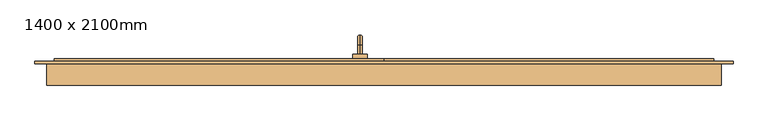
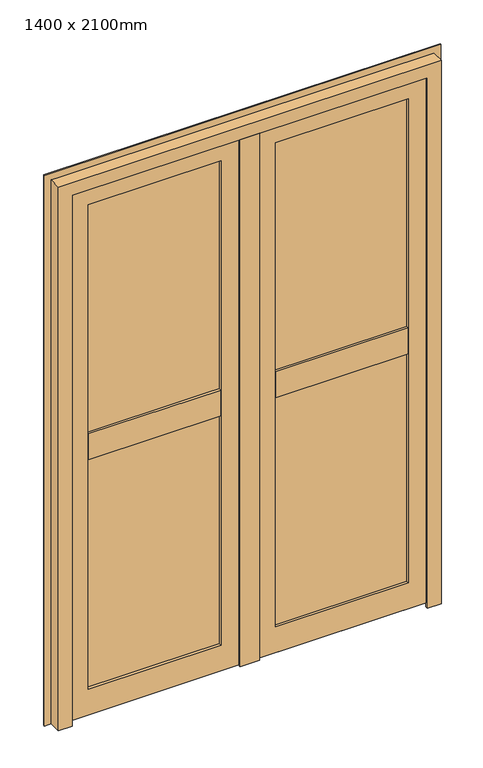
"""IFC4 building model written with IfcOpenShell, lengths in millimetres: door geometry, Puerta practicable de entrada, 2 hojas : 1400 x 2100mm."""

from ifc_helpers import new_model, si_unit, point, frame, origin, place, context, project, spatial, polyline, circle_curve, ellipse_curve, trimmed, outline, extrude, faceted_brep, source, transform, mapped, element, save
from ifc_brep_helpers import plane_surface, cylinder_surface, revolved_surface, advanced_brep


def door_1400_x_2100mm_e34f5f79(model_context):
    return source(origin(), model_context, "Body", "SolidModel", [
        advanced_brep(
        [(-50.0, 225.0, 905.0), (-50.0, 244.0, 905.0), (-50.0, 244.0, 895.0), (-50.0, 225.0, 895.0), (-50.0, 265.0, 884.0), (-50.0, 255.0, 884.0), (-50.0, 265.0, 805.0), (-50.0, 255.0, 805.0), (-65.0, 225.0, 930.0), (-35.0, 225.0, 930.0), (-35.0, 225.0, 870.0), (-65.0, 225.0, 870.0), (-65.0, 215.0, 930.0), (-65.0, 215.0, 870.0), (-35.0, 215.0, 870.0), (-35.0, 215.0, 930.0)],
        [
            (0, 1),
            (1, 2, circle_curve(frame((-50.0, 244.0, 900.0), z_axis=(0.0, -1.0, 0.0), x_axis=(0.0, 0.0, -1.0)), 5.0)),
            (2, 3),
            (3, 0, circle_curve(frame((-50.0, 225.0, 900.0), z_axis=(0.0, 1.0, 0.0), x_axis=(0.0, 0.0, -1.0)), 5.0)),
            (0, 3, circle_curve(frame((-50.0, 225.0, 900.0), z_axis=(0.0, 1.0, 0.0), x_axis=(0.0, 0.0, -1.0)), 5.0)),
            (2, 1, circle_curve(frame((-50.0, 244.0, 900.0), z_axis=(0.0, -1.0, 0.0), x_axis=(0.0, 0.0, -1.0)), 5.0)),
            (1, 4, circle_curve(frame((-50.0, 244.0, 884.0), z_axis=(-1.0, 0.0, 0.0), x_axis=(0.0, 0.0, 1.0)), 21.0)),
            (4, 5, circle_curve(frame((-50.0, 260.0, 884.0), z_axis=(0.0, 0.0, 1.0), x_axis=(0.0, -1.0, 0.0)), 5.0)),
            (5, 2, circle_curve(frame((-50.0, 244.0, 884.0), z_axis=(1.0, 0.0, 0.0), x_axis=(0.0, 0.0, 1.0)), 11.0)),
            (5, 4, circle_curve(frame((-50.0, 260.0, 884.0), z_axis=(0.0, 0.0, 1.0), x_axis=(0.0, -1.0, 0.0)), 5.0)),
            (6, 7, circle_curve(frame((-50.0, 260.0, 805.0), z_axis=(0.0, 0.0, -1.0), x_axis=(0.0, -1.0, 0.0)), 5.0)),
            (7, 6, circle_curve(frame((-50.0, 260.0, 805.0), z_axis=(0.0, 0.0, -1.0), x_axis=(0.0, -1.0, 0.0)), 5.0)),
            (4, 6),
            (7, 5),
            (8, 9),
            (9, 10),
            (10, 11),
            (11, 8),
            (12, 13),
            (13, 14),
            (14, 15),
            (15, 12),
            (8, 12),
            (15, 9),
            (14, 10),
            (13, 11),
        ],
        [
            cylinder_surface(frame((-50.0, 225.0, 900.0), z_axis=(0.0, -1.0, 0.0), x_axis=(0.0, 0.0, -1.0)), 5.0),
            revolved_surface(trimmed(ellipse_curve(frame((-50.0, 244.0, 900.0), z_axis=(0.0, -1.0, 0.0), x_axis=(0.0, 0.0, -1.0)), 5.0, 5.0), [point((-50.0, 244.0, 905.0))], [point((-50.0, 244.0, 895.0))], True, "CARTESIAN"), (-50.0, 244.0, 884.0), (-1.0, 0.0, 0.0)),
            revolved_surface(trimmed(ellipse_curve(frame((-50.0, 244.0, 900.0), z_axis=(0.0, -1.0, 0.0), x_axis=(0.0, 0.0, -1.0)), 5.0, 5.0), [point((-50.0, 244.0, 895.0))], [point((-50.0, 244.0, 905.0))], True, "CARTESIAN"), (-50.0, 244.0, 884.0), (-1.0, 0.0, 0.0)),
            plane_surface(frame((-50.0, 260.0, 805.0), z_axis=(0.0, 0.0, -1.0), x_axis=(-1.0, 0.0, 0.0))),
            cylinder_surface(frame((-50.0, 260.0, 884.0), z_axis=(0.0, 0.0, 1.0), x_axis=(0.0, -1.0, 0.0)), 5.0),
            plane_surface(frame((-35.0, 225.0, 930.0), z_axis=(0.0, 1.0, 0.0), x_axis=(1.0, 0.0, 0.0))),
            plane_surface(frame((-35.0, 215.0, 930.0), z_axis=(0.0, -1.0, 0.0), x_axis=(-1.0, 0.0, 0.0))),
            plane_surface(frame((-65.0, 225.0, 930.0), z_axis=(0.0, 0.0, 1.0), x_axis=(0.0, -1.0, 0.0))),
            plane_surface(frame((-35.0, 225.0, 930.0), z_axis=(1.0, 0.0, 0.0), x_axis=(0.0, -1.0, 0.0))),
            plane_surface(frame((-35.0, 225.0, 870.0), z_axis=(0.0, 0.0, -1.0), x_axis=(0.0, -1.0, 0.0))),
            plane_surface(frame((-65.0, 225.0, 870.0), z_axis=(-1.0, 0.0, 0.0), x_axis=(0.0, -1.0, 0.0))),
        ],
        [
            (0, [[1, 2, 3, 4]]),
            (0, [[-1, 5, -3, 6]]),
            (1, [[-2, 7, 8, 9]]),
            (2, [[-6, -9, 10, -7]]),
            (3, [[11, 12]]),
            (4, [[-8, 13, -12, 14]]),
            (4, [[-10, -14, -11, -13]]),
            (5, [[15, 16, 17, 18], [-4, -5]]),
            (6, [[19, 20, 21, 22]]),
            (7, [[-15, 23, -22, 24]]),
            (8, [[-16, -24, -21, 25]]),
            (9, [[-17, -25, -20, 26]]),
            (10, [[-18, -26, -19, -23]]),
        ],
    ),
        extrude(outline(polyline([(205.0, 22.0), (205.0, 7.0), (200.0, 7.0), (200.0, 12.0), (185.0, 12.0), (185.0, 7.0), (180.0, 7.0), (180.0, 22.0), (205.0, 22.0)])), frame((0.0, 0.0, 0.0), z_axis=(1.0, 0.0, 0.0), x_axis=(0.0, 1.0, 0.0)), (0.0, 0.0, 1.0), 685.0),
        extrude(outline(polyline([(205.0, 22.0), (205.0, 7.0), (200.0, 7.0), (200.0, 12.0), (185.0, 12.0), (185.0, 7.0), (180.0, 7.0), (180.0, 22.0), (205.0, 22.0)])), frame((-685.0, 0.0, 0.0), z_axis=(1.0, 0.0, 0.0), x_axis=(0.0, 1.0, 0.0)), (0.0, 0.0, 1.0), 685.0),
        faceted_brep([(0.0, 170.0, 40.0), (0.0, 180.0, 40.0), (0.0, 180.0, 15.0), (0.0, 170.0, 15.0), (685.0, 170.0, 40.0), (685.0, 170.0, 15.0), (685.0, 180.0, 15.0), (685.0, 180.0, 40.0), (25.0, 170.0, 40.0), (25.0, 180.0, 40.0), (660.0, 180.0, 40.0), (660.0, 170.0, 40.0), (660.0, 170.0, 2060.0), (25.0, 170.0, 2060.0), (100.0, 170.0, 1985.0), (585.0, 170.0, 1985.0), (585.0, 170.0, 115.0), (100.0, 170.0, 115.0), (685.0, 205.0, 2085.0), (685.0, 215.0, 2085.0), (0.0, 215.0, 2085.0), (0.0, 205.0, 2085.0), (610.0, 215.0, 2010.0), (610.0, 180.0, 2010.0), (75.0, 180.0, 2010.0), (75.0, 215.0, 2010.0), (585.0, 180.0, 1985.0), (100.0, 180.0, 1985.0), (660.0, 205.0, 2060.0), (25.0, 205.0, 2060.0), (0.0, 215.0, 15.0), (0.0, 205.0, 15.0), (75.0, 180.0, 90.0), (75.0, 215.0, 90.0), (100.0, 180.0, 115.0), (25.0, 205.0, 40.0), (685.0, 215.0, 15.0), (685.0, 205.0, 15.0), (610.0, 180.0, 90.0), (610.0, 215.0, 90.0), (585.0, 180.0, 115.0), (660.0, 205.0, 40.0)], [[[0, 1, 2, 3]], [[4, 5, 6, 7]], [[1, 0, 8, 9]], [[4, 7, 10, 11]], [[2, 1, 9, 10, 7, 6]], [[3, 2, 6, 5]], [[0, 3, 5, 4, 11, 12, 13, 8], [14, 15, 16, 17]], [[18, 19, 20, 21]], [[22, 23, 24, 25]], [[26, 15, 14, 27]], [[12, 28, 29, 13]], [[21, 20, 30, 31]], [[25, 24, 32, 33]], [[27, 14, 17, 34]], [[13, 29, 35, 9, 8]], [[31, 30, 36, 37]], [[33, 32, 38, 39]], [[34, 17, 16, 40]], [[35, 41, 10, 9]], [[19, 18, 37, 36]], [[20, 19, 36, 30], [22, 25, 33, 39]], [[23, 22, 39, 38]], [[24, 23, 38, 32], [26, 27, 34, 40]], [[15, 26, 40, 16]], [[28, 12, 11, 10, 41]], [[18, 21, 31, 37], [29, 28, 41, 35]]]),
        faceted_brep([(-685.0, 215.0, 2085.0), (-685.0, 205.0, 2085.0), (0.0, 205.0, 2085.0), (0.0, 215.0, 2085.0), (-610.0, 180.0, 2010.0), (-610.0, 215.0, 2010.0), (-75.0, 215.0, 2010.0), (-75.0, 180.0, 2010.0), (-585.0, 170.0, 1985.0), (-585.0, 180.0, 1985.0), (-100.0, 180.0, 1985.0), (-100.0, 170.0, 1985.0), (-660.0, 205.0, 2060.0), (-660.0, 170.0, 2060.0), (-25.0, 170.0, 2060.0), (-25.0, 205.0, 2060.0), (0.0, 205.0, 15.0), (0.0, 215.0, 15.0), (-75.0, 215.0, 90.0), (-75.0, 180.0, 90.0), (-100.0, 180.0, 115.0), (-100.0, 170.0, 115.0), (-25.0, 170.0, 40.0), (-25.0, 180.0, 40.0), (-25.0, 205.0, 40.0), (-685.0, 205.0, 15.0), (-685.0, 215.0, 15.0), (-610.0, 215.0, 90.0), (-610.0, 180.0, 90.0), (-585.0, 180.0, 115.0), (-585.0, 170.0, 115.0), (-660.0, 205.0, 40.0), (-660.0, 180.0, 40.0), (-660.0, 170.0, 40.0), (-685.0, 170.0, 40.0), (-685.0, 170.0, 15.0), (0.0, 170.0, 15.0), (0.0, 170.0, 40.0), (0.0, 180.0, 15.0), (0.0, 180.0, 40.0), (-685.0, 180.0, 40.0), (-685.0, 180.0, 15.0)], [[[0, 1, 2, 3]], [[4, 5, 6, 7]], [[8, 9, 10, 11]], [[12, 13, 14, 15]], [[3, 2, 16, 17]], [[7, 6, 18, 19]], [[11, 10, 20, 21]], [[15, 14, 22, 23, 24]], [[17, 16, 25, 26]], [[19, 18, 27, 28]], [[21, 20, 29, 30]], [[31, 24, 23, 32]], [[1, 0, 26, 25]], [[0, 3, 17, 26], [6, 5, 27, 18]], [[5, 4, 28, 27]], [[4, 7, 19, 28], [10, 9, 29, 20]], [[9, 8, 30, 29]], [[14, 13, 33, 34, 35, 36, 37, 22], [8, 11, 21, 30]], [[13, 12, 31, 32, 33]], [[2, 1, 25, 16], [12, 15, 24, 31]], [[37, 36, 38, 39]], [[34, 40, 41, 35]], [[37, 39, 23, 22]], [[40, 34, 33, 32]], [[39, 38, 41, 40, 32, 23]], [[38, 36, 35, 41]]]),
        extrude(outline(polyline([(85.0, 180.0), (85.0, 194.0), (600.0, 194.0), (600.0, 180.0), (85.0, 180.0)])), frame((0.0, 0.0, 1085.0), z_axis=(0.0, 0.0, 1.0), x_axis=(1.0, 0.0, 0.0)), (0.0, 0.0, 1.0), 915.0),
        extrude(outline(polyline([(85.0, 180.0), (85.0, 194.0), (600.0, 194.0), (600.0, 180.0), (85.0, 180.0)])), frame((0.0, 0.0, 100.0), z_axis=(0.0, 0.0, 1.0), x_axis=(1.0, 0.0, 0.0)), (0.0, 0.0, 1.0), 915.0),
        extrude(outline(polyline([(-600.0, 180.0), (-600.0, 194.0), (-85.0, 194.0), (-85.0, 180.0), (-600.0, 180.0)])), frame((0.0, 0.0, 1085.0), z_axis=(0.0, 0.0, 1.0), x_axis=(1.0, 0.0, 0.0)), (0.0, 0.0, 1.0), 915.0),
        extrude(outline(polyline([(-600.0, 180.0), (-600.0, 194.0), (-85.0, 194.0), (-85.0, 180.0), (-600.0, 180.0)])), frame((0.0, 0.0, 100.0), z_axis=(0.0, 0.0, 1.0), x_axis=(1.0, 0.0, 0.0)), (0.0, 0.0, 1.0), 915.0),
        extrude(outline(polyline([(180.0, 1025.0), (180.0, 1000.0), (170.0, 1000.0), (170.0, 1100.0), (180.0, 1100.0), (180.0, 1075.0), (215.0, 1075.0), (215.0, 1025.0), (180.0, 1025.0)])), frame((100.0, 0.0, 0.0), z_axis=(1.0, 0.0, 0.0), x_axis=(0.0, 1.0, 0.0)), (0.0, 0.0, 1.0), 485.0),
        extrude(outline(polyline([(180.0, 1075.0), (215.0, 1075.0), (215.0, 1025.0), (180.0, 1025.0), (180.0, 1000.0), (170.0, 1000.0), (170.0, 1100.0), (180.0, 1100.0), (180.0, 1075.0)])), frame((-585.0, 0.0, 0.0), z_axis=(1.0, 0.0, 0.0), x_axis=(0.0, 1.0, 0.0)), (0.0, 0.0, 1.0), 485.0),
        extrude(outline(polyline([(-585.0, 194.0), (-585.0, 215.0), (-100.0, 215.0), (-100.0, 194.0), (-585.0, 194.0)])), frame((0.0, 0.0, 1075.0), z_axis=(0.0, 0.0, 1.0), x_axis=(1.0, 0.0, 0.0)), (0.0, 0.0, 1.0), 25.0),
        extrude(outline(polyline([(-585.0, 194.0), (-585.0, 215.0), (-100.0, 215.0), (-100.0, 194.0), (-585.0, 194.0)])), frame((0.0, 0.0, 1000.0), z_axis=(0.0, 0.0, 1.0), x_axis=(1.0, 0.0, 0.0)), (0.0, 0.0, 1.0), 25.0),
        extrude(outline(polyline([(100.0, 194.0), (100.0, 215.0), (585.0, 215.0), (585.0, 194.0), (100.0, 194.0)])), frame((0.0, 0.0, 1075.0), z_axis=(0.0, 0.0, 1.0), x_axis=(1.0, 0.0, 0.0)), (0.0, 0.0, 1.0), 25.0),
        extrude(outline(polyline([(100.0, 194.0), (100.0, 215.0), (585.0, 215.0), (585.0, 194.0), (100.0, 194.0)])), frame((0.0, 0.0, 1000.0), z_axis=(0.0, 0.0, 1.0), x_axis=(1.0, 0.0, 0.0)), (0.0, 0.0, 1.0), 25.0),
        extrude(outline(polyline([(2010.0, 75.0), (90.0, 75.0), (90.0, 610.0), (2010.0, 610.0), (2010.0, 75.0)]), holes=[polyline([(1985.0, 585.0), (115.0, 585.0), (115.0, 100.0), (1985.0, 100.0), (1985.0, 585.0)])]), frame((0.0, 194.0, 0.0), z_axis=(0.0, 1.0, 0.0), x_axis=(0.0, 0.0, 1.0)), (0.0, 0.0, 1.0), 21.0),
        faceted_brep([(25.0, 205.0, 2085.0), (-10.0, 205.0, 2085.0), (-10.0, 170.0, 2085.0), (25.0, 170.0, 2085.0), (25.0, 205.0, 15.0), (-10.0, 205.0, 15.0), (-10.0, 170.0, 15.0), (-10.0, 170.0, 2050.0), (25.0, 170.0, 2050.0), (25.0, 170.0, 15.0), (35.0, 160.0, 2050.0), (35.0, 170.0, 2050.0), (-35.0, 170.0, 2050.0), (-35.0, 160.0, 2050.0), (35.0, 160.0, 15.0), (-35.0, 160.0, 15.0), (-35.0, 170.0, 15.0), (35.0, 170.0, 15.0)], [[[0, 1, 2, 3]], [[1, 0, 4, 5]], [[2, 1, 5, 6, 7]], [[3, 2, 7, 8]], [[4, 0, 3, 8, 9]], [[10, 11, 8, 7, 12, 13]], [[14, 15, 16, 6, 5, 4, 9, 17]], [[11, 10, 14, 17]], [[8, 11, 17, 9]], [[12, 7, 6, 16]], [[13, 12, 16, 15]], [[10, 13, 15, 14]]]),
        extrude(outline(polyline([(2010.0, -610.0), (90.0, -610.0), (90.0, -75.0), (2010.0, -75.0), (2010.0, -610.0)]), holes=[polyline([(1985.0, -100.0), (115.0, -100.0), (115.0, -585.0), (1985.0, -585.0), (1985.0, -100.0)])]), frame((0.0, 194.0, 0.0), z_axis=(0.0, 1.0, 0.0), x_axis=(0.0, 0.0, 1.0)), (0.0, 0.0, 1.0), 21.0),
        faceted_brep([(-700.0, 160.0, 0.0), (-700.0, 205.0, 0.0), (-675.0, 205.0, 0.0), (-675.0, 170.0, 0.0), (-650.0, 170.0, 0.0), (-650.0, 160.0, 0.0), (-700.0, 205.0, 2100.0), (-700.0, 160.0, 2100.0), (700.0, 160.0, 2100.0), (700.0, 205.0, 2100.0), (-675.0, 170.0, 2075.0), (-675.0, 205.0, 2075.0), (675.0, 205.0, 2075.0), (675.0, 170.0, 2075.0), (-650.0, 160.0, 2050.0), (-650.0, 170.0, 2050.0), (650.0, 170.0, 2050.0), (650.0, 160.0, 2050.0), (700.0, 160.0, 0.0), (700.0, 205.0, 0.0), (675.0, 205.0, 0.0), (675.0, 170.0, 0.0), (650.0, 170.0, 0.0), (650.0, 160.0, 0.0)], [[[0, 1, 2, 3, 4, 5]], [[6, 7, 8, 9]], [[10, 11, 12, 13]], [[14, 15, 16, 17]], [[9, 8, 18, 19]], [[13, 12, 20, 21]], [[17, 16, 22, 23]], [[18, 23, 22, 21, 20, 19]], [[1, 0, 7, 6]], [[2, 1, 6, 9, 19, 20, 12, 11]], [[3, 2, 11, 10]], [[4, 3, 10, 13, 21, 22, 16, 15]], [[5, 4, 15, 14]], [[0, 5, 14, 17, 23, 18, 8, 7]]]),
        extrude(outline(polyline([(0.0, -725.0), (0.0, -690.0), (2090.0, -690.0), (2090.0, 690.0), (0.0, 690.0), (0.0, 725.0), (2125.0, 725.0), (2125.0, -725.0), (0.0, -725.0)])), frame((0.0, 205.0, 0.0), z_axis=(0.0, 1.0, 0.0), x_axis=(0.0, 0.0, 1.0)), (0.0, 0.0, 1.0), 5.0),
    ])


if __name__ == "__main__":
    model = new_model("IFC4")
    model_context = context("Model", 3, world=origin())
    ifc_project = project(units=[si_unit("LENGTHUNIT", "METRE", prefix="MILLI")], contexts=[model_context])
    site = spatial("IfcSite", under=ifc_project)
    building = spatial("IfcBuilding", under=site)
    placement = place(None, origin())
    door_1400_x_2100mm_shape = door_1400_x_2100mm_e34f5f79(model_context)
    element("IfcDoor", 1, ObjectType="Puerta practicable de entrada, 2 hojas : 1400 x 2100mm", at=placement, inside=building, context=model_context, shape_type="MappedRepresentation", body=[
        mapped(door_1400_x_2100mm_shape, transform((0.0, 0.0, 0.0), x_axis=(1.0, 0.0, 0.0), y_axis=(0.0, 1.0, 0.0), z_axis=(0.0, 0.0, 1.0))),
    ])
    save(model, "model.ifc")
--------
▸ **TASK INSTRUCTIONS**
Within the listing, how many lines hold "origin"? Write only that number.

▸ **EXPECTED ANSWER**
4